**Stored items from a collection**:
○ ○ ○

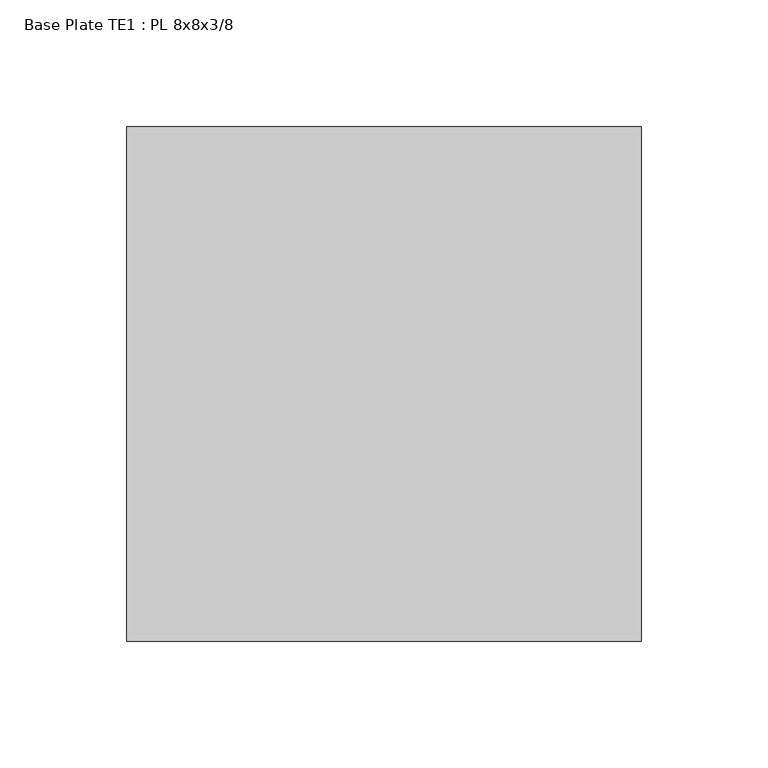
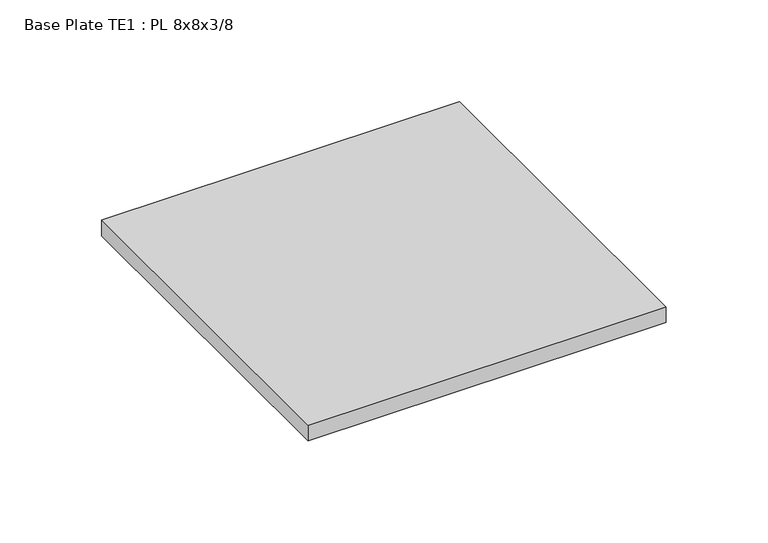
"""IFC4 building model written with IfcOpenShell, lengths in millimetres: proxy geometry, Base Plate TE1 : PL 8x8x3/8."""

from ifc_helpers import new_model, si_unit, frame, origin, place, context, project, spatial, polyline, outline, extrude, source, transform, mapped, element, save


def base_plate_te1_pl_8x8x3_8_a06680a7(model_context):
    return source(origin(), model_context, "Body", "SweptSolid", [
        extrude(outline(polyline([(590318.6599233, -532779.0413841), (590318.6599233, -532982.2413841), (590115.4599233, -532982.2413841), (590115.4599233, -532779.0413841), (590318.6599233, -532779.0413841)])), frame((0.0, 0.0, 19.05), z_axis=(0.0, 0.0, 1.0), x_axis=(1.0, 0.0, 0.0)), (0.0, 0.0, 1.0), 9.525),
    ])


if __name__ == "__main__":
    model = new_model("IFC4")
    model_context = context("Model", 3, world=origin())
    ifc_project = project(units=[si_unit("LENGTHUNIT", "METRE", prefix="MILLI")], contexts=[model_context])
    site = spatial("IfcSite", under=ifc_project)
    building = spatial("IfcBuilding", under=site)
    placement = place(None, origin())
    base_plate_te1_pl_8x8x3_8_shape = base_plate_te1_pl_8x8x3_8_a06680a7(model_context)
    element("IfcBuildingElementProxy", 1, Name="Base Plate TE1 : PL 8x8x3/8", ObjectType="Base Plate TE1 : PL 8x8x3/8", at=placement, inside=building, context=model_context, shape_type="MappedRepresentation", body=[
        mapped(base_plate_te1_pl_8x8x3_8_shape, transform((0.0, 0.0, 0.0), x_axis=(1.0, 0.0, 0.0), y_axis=(0.0, 1.0, 0.0), z_axis=(0.0, 0.0, 1.0))),
    ])
    save(model, "model.ifc")

# Revit data of these elements
# Element 1 (IfcBuildingElementProxy, "Base Plate TE1 : PL 8x8x3/8")
#   Materials on its faces: "GALV. STL BASE PLATE"
# Materials
#   "GALV. STL BASE PLATE": class "Generic", colour RGB 211 211 207, transparency 0, Cost = 0

○ ○ ○

Word-for-word output of every record is needed, with images omitted.

**COMPLETED TASK**:
"""IFC4 building model written with IfcOpenShell, lengths in millimetres: proxy geometry, Base Plate TE1 : PL 8x8x3/8."""

from ifc_helpers import new_model, si_unit, frame, origin, place, context, project, spatial, polyline, outline, extrude, source, transform, mapped, element, save


def base_plate_te1_pl_8x8x3_8_a06680a7(model_context):
    return source(origin(), model_context, "Body", "SweptSolid", [
        extrude(outline(polyline([(590318.6599233, -532779.0413841), (590318.6599233, -532982.2413841), (590115.4599233, -532982.2413841), (590115.4599233, -532779.0413841), (590318.6599233, -532779.0413841)])), frame((0.0, 0.0, 19.05), z_axis=(0.0, 0.0, 1.0), x_axis=(1.0, 0.0, 0.0)), (0.0, 0.0, 1.0), 9.525),
    ])


if __name__ == "__main__":
    model = new_model("IFC4")
    model_context = context("Model", 3, world=origin())
    ifc_project = project(units=[si_unit("LENGTHUNIT", "METRE", prefix="MILLI")], contexts=[model_context])
    site = spatial("IfcSite", under=ifc_project)
    building = spatial("IfcBuilding", under=site)
    placement = place(None, origin())
    base_plate_te1_pl_8x8x3_8_shape = base_plate_te1_pl_8x8x3_8_a06680a7(model_context)
    element("IfcBuildingElementProxy", 1, Name="Base Plate TE1 : PL 8x8x3/8", ObjectType="Base Plate TE1 : PL 8x8x3/8", at=placement, inside=building, context=model_context, shape_type="MappedRepresentation", body=[
        mapped(base_plate_te1_pl_8x8x3_8_shape, transform((0.0, 0.0, 0.0), x_axis=(1.0, 0.0, 0.0), y_axis=(0.0, 1.0, 0.0), z_axis=(0.0, 0.0, 1.0))),
    ])
    save(model, "model.ifc")

# Revit data of these elements
# Element 1 (IfcBuildingElementProxy, "Base Plate TE1 : PL 8x8x3/8")
#   Materials on its faces: "GALV. STL BASE PLATE"
# Materials
#   "GALV. STL BASE PLATE": class "Generic", colour RGB 211 211 207, transparency 0, Cost = 0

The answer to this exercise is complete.